◆ **GIVEN RECORDS**:
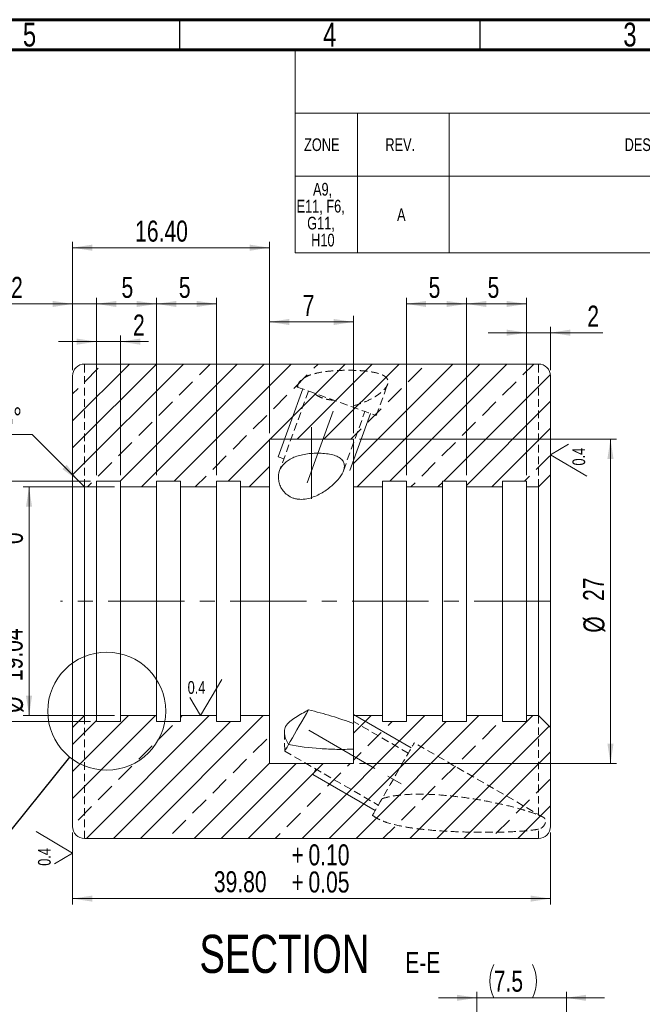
# Model space of a CAD drawing. Header units: millimetres. Extents: x 15 to 589, y 5 to 415.
# Tile 14 of 15: x 375 to 479, y 251 to 415. Entities that reach past the tile are written whole.
import ezdxf

# ---------------------------------------------------------------- set-up
doc = ezdxf.new("R2010")
doc.units = ezdxf.units.MM
doc.linetypes.add('CENTERX2', pattern=[20.32, 12.7, -2.54, 2.54, -2.54])
doc.linetypes.add('HIDDEN', pattern=[1.905, 1.27, -0.635])
doc.styles.add('SLDTEXTSTYLE0', font='TXT', dxfattribs={"width": 0.75})
doc.dimstyles.new('SLDDIMSTYLE0', dxfattribs={"dimtxt": 3.5, "dimasz": 3.302, "dimexe": 0, "dimexo": 0.0625, "dimgap": 0.875, "dimtad": 1, "dimlfac": 0.5, "dimrnd": 1e-09, "dimzin": 12, "dimdsep": 46, "dimtxsty": 'SLDTEXTSTYLE0', "dimsah": 1, "dimcen": 0.09, "dimadec": 0, "dimazin": 3, "dimtfac": 1, "dimtofl": 0, "dimtmove": 0, "dimatfit": 3, "dimfxl": 0, "dimfrac": 2, "dimtolj": 1, "dimtzin": 12, "dimarcsym": 0})
doc.dimstyles.new('SLDDIMSTYLE10', dxfattribs={"dimtxt": 3.5, "dimasz": 3.302, "dimexe": 0, "dimexo": 0.0625, "dimgap": 0.875, "dimtad": 1, "dimlfac": 0.5, "dimrnd": 1e-09, "dimzin": 4, "dimdsep": 46, "dimtxsty": 'SLDTEXTSTYLE0', "dimsah": 1, "dimcen": 0.09, "dimadec": 0, "dimazin": 1, "dimtol": 1, "dimtp": 0.1, "dimtm": -0.05, "dimtfac": 1, "dimtofl": 0, "dimtmove": 0, "dimatfit": 3, "dimfxl": 0, "dimfrac": 2, "dimtolj": 1, "dimtzin": 0, "dimarcsym": 0})
doc.dimstyles.new('SLDDIMSTYLE13', dxfattribs={"dimtxt": 3.5, "dimasz": 3.302, "dimexe": 0, "dimexo": 0.0625, "dimgap": 0.875, "dimtad": 1, "dimlfac": 0.5, "dimrnd": 1e-09, "dimzin": 12, "dimdsep": 46, "dimtxsty": 'SLDTEXTSTYLE0', "dimsah": 1, "dimcen": 0.09, "dimadec": 0, "dimazin": 3, "dimtol": 1, "dimtp": 0.033, "dimtfac": 1, "dimtofl": 0, "dimtmove": 0, "dimatfit": 3, "dimfxl": 0, "dimfrac": 2, "dimtolj": 1, "dimarcsym": 0})
doc.dimstyles.new('SLDDIMSTYLE14', dxfattribs={"dimtxt": 0.18, "dimasz": 3.302, "dimexe": 0, "dimexo": 0.0625, "dimgap": 0, "dimtad": 0, "dimtih": 1, "dimtoh": 1, "dimdec": 0, "dimrnd": 1e-09, "dimzin": 0, "dimdsep": 46, "dimtxsty": 'Standard', "dimblk1": 'NONE', "dimblk2": 'NONE', "dimsah": 1, "dimcen": 0.09, "dimadec": 0, "dimazin": 0, "dimtfac": 3.302, "dimtdec": 0, "dimtofl": 0, "dimtmove": 0, "dimatfit": 3, "dimldrblk": 'NONE', "dimfxl": 0, "dimfrac": 2, "dimtolj": 1, "dimtzin": 0, "dimarcsym": 0})
doc.dimstyles.new('SLDDIMSTYLE18', dxfattribs={"dimtxt": 3.5, "dimasz": 3.302, "dimexe": 0, "dimexo": 0.0625, "dimgap": 0.875, "dimtad": 1, "dimdec": 1, "dimlfac": 0.5, "dimrnd": 1e-09, "dimzin": 12, "dimdsep": 46, "dimtxsty": 'SLDTEXTSTYLE0', "dimsah": 1, "dimcen": 0.09, "dimadec": 0, "dimazin": 3, "dimtfac": 1, "dimtdec": 1, "dimtmove": 0, "dimatfit": 0, "dimfxl": 0, "dimfrac": 2, "dimtolj": 1, "dimtzin": 12, "dimarcsym": 0})
doc.dimstyles.new('SLDDIMSTYLE3', dxfattribs={"dimtxt": 3.5, "dimasz": 3.302, "dimexe": 0, "dimexo": 0.0625, "dimgap": 0.875, "dimtad": 1, "dimlfac": 0.5, "dimrnd": 1e-09, "dimzin": 12, "dimdsep": 46, "dimtxsty": 'SLDTEXTSTYLE0', "dimsah": 1, "dimcen": 0.09, "dimadec": 0, "dimazin": 3, "dimtfac": 1, "dimtmove": 0, "dimatfit": 0, "dimfxl": 0, "dimfrac": 2, "dimtolj": 1, "dimtzin": 12, "dimarcsym": 0})
doc.dimstyles.new('SLDDIMSTYLE7', dxfattribs={"dimtxt": 3.5, "dimasz": 3.302, "dimexe": 0, "dimexo": 0.0625, "dimgap": 0.875, "dimtad": 1, "dimlfac": 0.5, "dimrnd": 1e-09, "dimzin": 4, "dimdsep": 46, "dimtxsty": 'SLDTEXTSTYLE0', "dimsah": 1, "dimcen": 0.09, "dimadec": 0, "dimazin": 1, "dimtfac": 1, "dimtofl": 0, "dimtmove": 0, "dimatfit": 3, "dimfxl": 0, "dimfrac": 2, "dimtolj": 1, "dimtzin": 12, "dimarcsym": 0})
pattern_1 = [(45, (0, 0), (-8.98026, 8.98026), []), (45, (4.49, 2e-323), (-8.98026, 8.98026), []), (45, (8.98, 4e-323), (-8.98026, 8.98026), []), (45, (13.47, 6e-323), (-8.98026, 8.98026), [3.175, -1.5875])]

# ---------------------------------------------------------------- blocks, each defined once
blk = doc.blocks.new('SW_TABLEANNOTATION_1')
at = {"color": 0, "linetype": 'Continuous', "lineweight": 0}
for p, q in [((0, 0), (0, -33.84)), ((162.81, 0), (0, 0)), ((162.81, -33.84), (162.81, 0)), ((0, -10.54), (162.81, -10.54)), ((10.41, -10.54), (10.41, -21.07)), ((25.65, -10.54), (25.65, -21.07)), ((101.85, -10.54), (101.85, -21.07)), ((132.33, -10.54), (132.33, -21.07)), ((0, -21.07), (162.81, -21.07)), ((10.41, -21.07), (10.41, -33.84)), ((25.65, -21.07), (25.65, -33.84)), ((101.85, -21.07), (101.85, -33.84)), ((132.33, -21.07), (132.33, -33.84)), ((0, -33.84), (162.81, -33.84))]:
    blk.add_line(p, q, dxfattribs=at)
at = {"color": 0, "linetype": 'Continuous', "lineweight": 0, "attachment_point": 1, "style": 'SLDTEXTSTYLE0'}
for s, insert, char_height in [('REVISIONS', (74.48, -4.21), 2.117), ('ZONE', (1.5, -14.75), 2.117), ('REV.', (15.04, -14.75), 2.117), ('DESCRIPTION', (54.89, -14.75), 2.1167), ('DATE', (113.64, -14.75), 2.117), ('APPROVED', (139.98, -14.75), 2.117), ('A9,', (2.99, -22.17), 2.117), ('E11, F6,', (0.25, -24.99), 2.117), ('G11,', (2.02, -27.81), 2.117), ('A', (16.99, -26.4), 2.12), ('30-05-16', (111.46, -26.4), 2.117), ('H10', (2.68, -30.63), 2.117)]:
    blk.add_mtext(s, dxfattribs=dict(at, insert=insert, char_height=char_height))
blk = doc.blocks.new('_D_34')
at = {"color": 7, "linetype": 'Continuous', "lineweight": 0}
for p, q in [((387.12, 338.18), (361.12, 338.18)), ((362.12, 338.18), (362.12, 298.18)), ((387.12, 298.18), (361.12, 298.18))]:
    blk.add_line(p, q, dxfattribs=at)
for points in [[(362.12, 338.18), (361.61, 334.87), (362.63, 334.87)], [(362.12, 298.18), (362.63, 301.48), (361.61, 301.48)]]:
    blk.add_solid(points, dxfattribs=at)
at = {"color": 7, "linetype": 'Continuous', "lineweight": 0, "char_height": 3.5, "attachment_point": 1, "rotation": 90, "style": 'SLDTEXTSTYLE0'}
for s, insert in [('20', (357.56, 318.23)), ('%%c', (357.61, 312.95))]:
    blk.add_mtext(s, dxfattribs=dict(at, insert=insert))
blk = doc.blocks.new('_D_35')
at = {"color": 7, "linetype": 'Continuous', "lineweight": 0}
for p, q in [((391.12, 337.22), (375.88, 337.22)), ((376.88, 337.22), (376.88, 299.14)), ((391.12, 299.14), (375.88, 299.14))]:
    blk.add_line(p, q, dxfattribs=at)
for points in [[(376.88, 337.22), (376.37, 333.91), (377.38, 333.91)], [(376.88, 299.14), (377.38, 302.44), (376.37, 302.44)]]:
    blk.add_solid(points, dxfattribs=at)
at = {"color": 7, "linetype": 'Continuous', "lineweight": 0, "char_height": 3.5, "attachment_point": 1, "rotation": 90, "style": 'SLDTEXTSTYLE0'}
for s, insert in [('0.03', (367.84, 327.7)), ('0', (372.36, 327.7)), ('+', (367.84, 324.87)), ('H8', (367.84, 317.81)), ('19.04', (372.31, 304.88)), ('%%c', (372.36, 299.6))]:
    blk.add_mtext(s, dxfattribs=dict(at, insert=insert))
blk = doc.blocks.new('_D_36')
at = {"color": 7, "linetype": 'Continuous', "lineweight": 0}
for p, q in [((431.92, 345.18), (474.72, 345.18)), ((473.72, 345.18), (473.72, 291.18)), ((431.92, 291.18), (474.72, 291.18))]:
    blk.add_line(p, q, dxfattribs=at)
for points in [[(473.72, 345.18), (473.21, 341.87), (474.23, 341.87)], [(473.72, 291.18), (474.23, 294.48), (473.21, 294.48)]]:
    blk.add_solid(points, dxfattribs=at)
at = {"color": 7, "linetype": 'Continuous', "lineweight": 0, "char_height": 3.5, "attachment_point": 1, "rotation": 90, "style": 'SLDTEXTSTYLE0'}
for s, insert in [('27', (469.16, 318.23)), ('%%c', (469.21, 312.95))]:
    blk.add_mtext(s, dxfattribs=dict(at, insert=insert))
blk = doc.blocks.new('_D_37')
at = {"color": 7, "linetype": 'Continuous', "lineweight": 0}
for p, q in [((384.12, 367.68), (373.89, 367.68)), ((384.12, 356.68), (384.12, 368.68)), ((388.12, 367.68), (384.12, 367.68)), ((388.12, 339.18), (388.12, 368.68)), ((388.12, 367.68), (394.47, 367.68))]:
    blk.add_line(p, q, dxfattribs=at)
for points in [[(384.12, 367.68), (380.82, 368.18), (380.82, 367.17)], [(388.12, 367.68), (391.42, 367.17), (391.42, 368.18)]]:
    blk.add_solid(points, dxfattribs=at)
at = {"color": 7, "linetype": 'Continuous', "lineweight": 0, "insert": (373.89, 372.19), "char_height": 3.5, "attachment_point": 1, "style": 'SLDTEXTSTYLE0'}
blk.add_mtext('2', dxfattribs=at)
blk = doc.blocks.new('_D_38')
at = {"color": 7, "linetype": 'Continuous', "lineweight": 0}
for p, q in [((388.12, 339.18), (388.12, 362.4)), ((392.12, 339.18), (392.12, 362.4)), ((388.12, 361.4), (381.77, 361.4)), ((392.12, 361.4), (388.12, 361.4)), ((392.12, 361.4), (396.79, 361.4))]:
    blk.add_line(p, q, dxfattribs=at)
for points in [[(388.12, 361.4), (384.82, 361.91), (384.82, 360.89)], [(392.12, 361.4), (395.42, 360.89), (395.42, 361.91)]]:
    blk.add_solid(points, dxfattribs=at)
at = {"color": 7, "linetype": 'Continuous', "lineweight": 0, "insert": (394.2, 365.91), "char_height": 3.5, "attachment_point": 1, "style": 'SLDTEXTSTYLE0'}
blk.add_mtext('2', dxfattribs=at)
blk = doc.blocks.new('_D_39')
at = {"color": 7, "linetype": 'Continuous', "lineweight": 0}
for p, q in [((388.12, 339.18), (388.12, 368.68)), ((398.12, 367.68), (388.12, 367.68)), ((398.12, 339.18), (398.12, 368.68))]:
    blk.add_line(p, q, dxfattribs=at)
for points in [[(388.12, 367.68), (391.42, 367.17), (391.42, 368.18)], [(398.12, 367.68), (394.82, 368.18), (394.82, 367.17)]]:
    blk.add_solid(points, dxfattribs=at)
at = {"color": 7, "linetype": 'Continuous', "lineweight": 0, "insert": (392.28, 372.19), "char_height": 3.5, "attachment_point": 1, "style": 'SLDTEXTSTYLE0'}
blk.add_mtext('5', dxfattribs=at)
blk = doc.blocks.new('_D_40')
at = {"color": 7, "linetype": 'Continuous', "lineweight": 0}
for p, q in [((398.12, 339.18), (398.12, 368.68)), ((398.12, 367.68), (408.12, 367.68)), ((408.12, 339.18), (408.12, 368.68))]:
    blk.add_line(p, q, dxfattribs=at)
for points in [[(398.12, 367.68), (401.42, 367.17), (401.42, 368.18)], [(408.12, 367.68), (404.82, 368.18), (404.82, 367.17)]]:
    blk.add_solid(points, dxfattribs=at)
at = {"color": 7, "linetype": 'Continuous', "lineweight": 0, "insert": (401.83, 372.19), "char_height": 3.5, "attachment_point": 1, "style": 'SLDTEXTSTYLE0'}
blk.add_mtext('5', dxfattribs=at)
blk = doc.blocks.new('_D_41')
at = {"color": 7, "linetype": 'Continuous', "lineweight": 0}
for p, q in [((384.12, 279.68), (384.12, 267.68)), ((463.72, 279.68), (463.72, 267.68)), ((463.72, 268.68), (384.12, 268.68))]:
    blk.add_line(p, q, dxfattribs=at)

◆ **WHAT TO DO**: Search the listing above for "dimdec" and copy every line that holds it.

◆ **EXERCISE OUTPUT**:
doc.dimstyles.new('SLDDIMSTYLE14', dxfattribs={"dimtxt": 0.18, "dimasz": 3.302, "dimexe": 0, "dimexo": 0.0625, "dimgap": 0, "dimtad": 0, "dimtih": 1, "dimtoh": 1, "dimdec": 0, "dimrnd": 1e-09, "dimzin": 0, "dimdsep": 46, "dimtxsty": 'Standard', "dimblk1": 'NONE', "dimblk2": 'NONE', "dimsah": 1, "dimcen": 0.09, "dimadec": 0, "dimazin": 0, "dimtfac": 3.302, "dimtdec": 0, "dimtofl": 0, "dimtmove": 0, "dimatfit": 3, "dimldrblk": 'NONE', "dimfxl": 0, "dimfrac": 2, "dimtolj": 1, "dimtzin": 0, "dimarcsym": 0})
doc.dimstyles.new('SLDDIMSTYLE18', dxfattribs={"dimtxt": 3.5, "dimasz": 3.302, "dimexe": 0, "dimexo": 0.0625, "dimgap": 0.875, "dimtad": 1, "dimdec": 1, "dimlfac": 0.5, "dimrnd": 1e-09, "dimzin": 12, "dimdsep": 46, "dimtxsty": 'SLDTEXTSTYLE0', "dimsah": 1, "dimcen": 0.09, "dimadec": 0, "dimazin": 3, "dimtfac": 1, "dimtdec": 1, "dimtmove": 0, "dimatfit": 0, "dimfxl": 0, "dimfrac": 2, "dimtolj": 1, "dimtzin": 12, "dimarcsym": 0})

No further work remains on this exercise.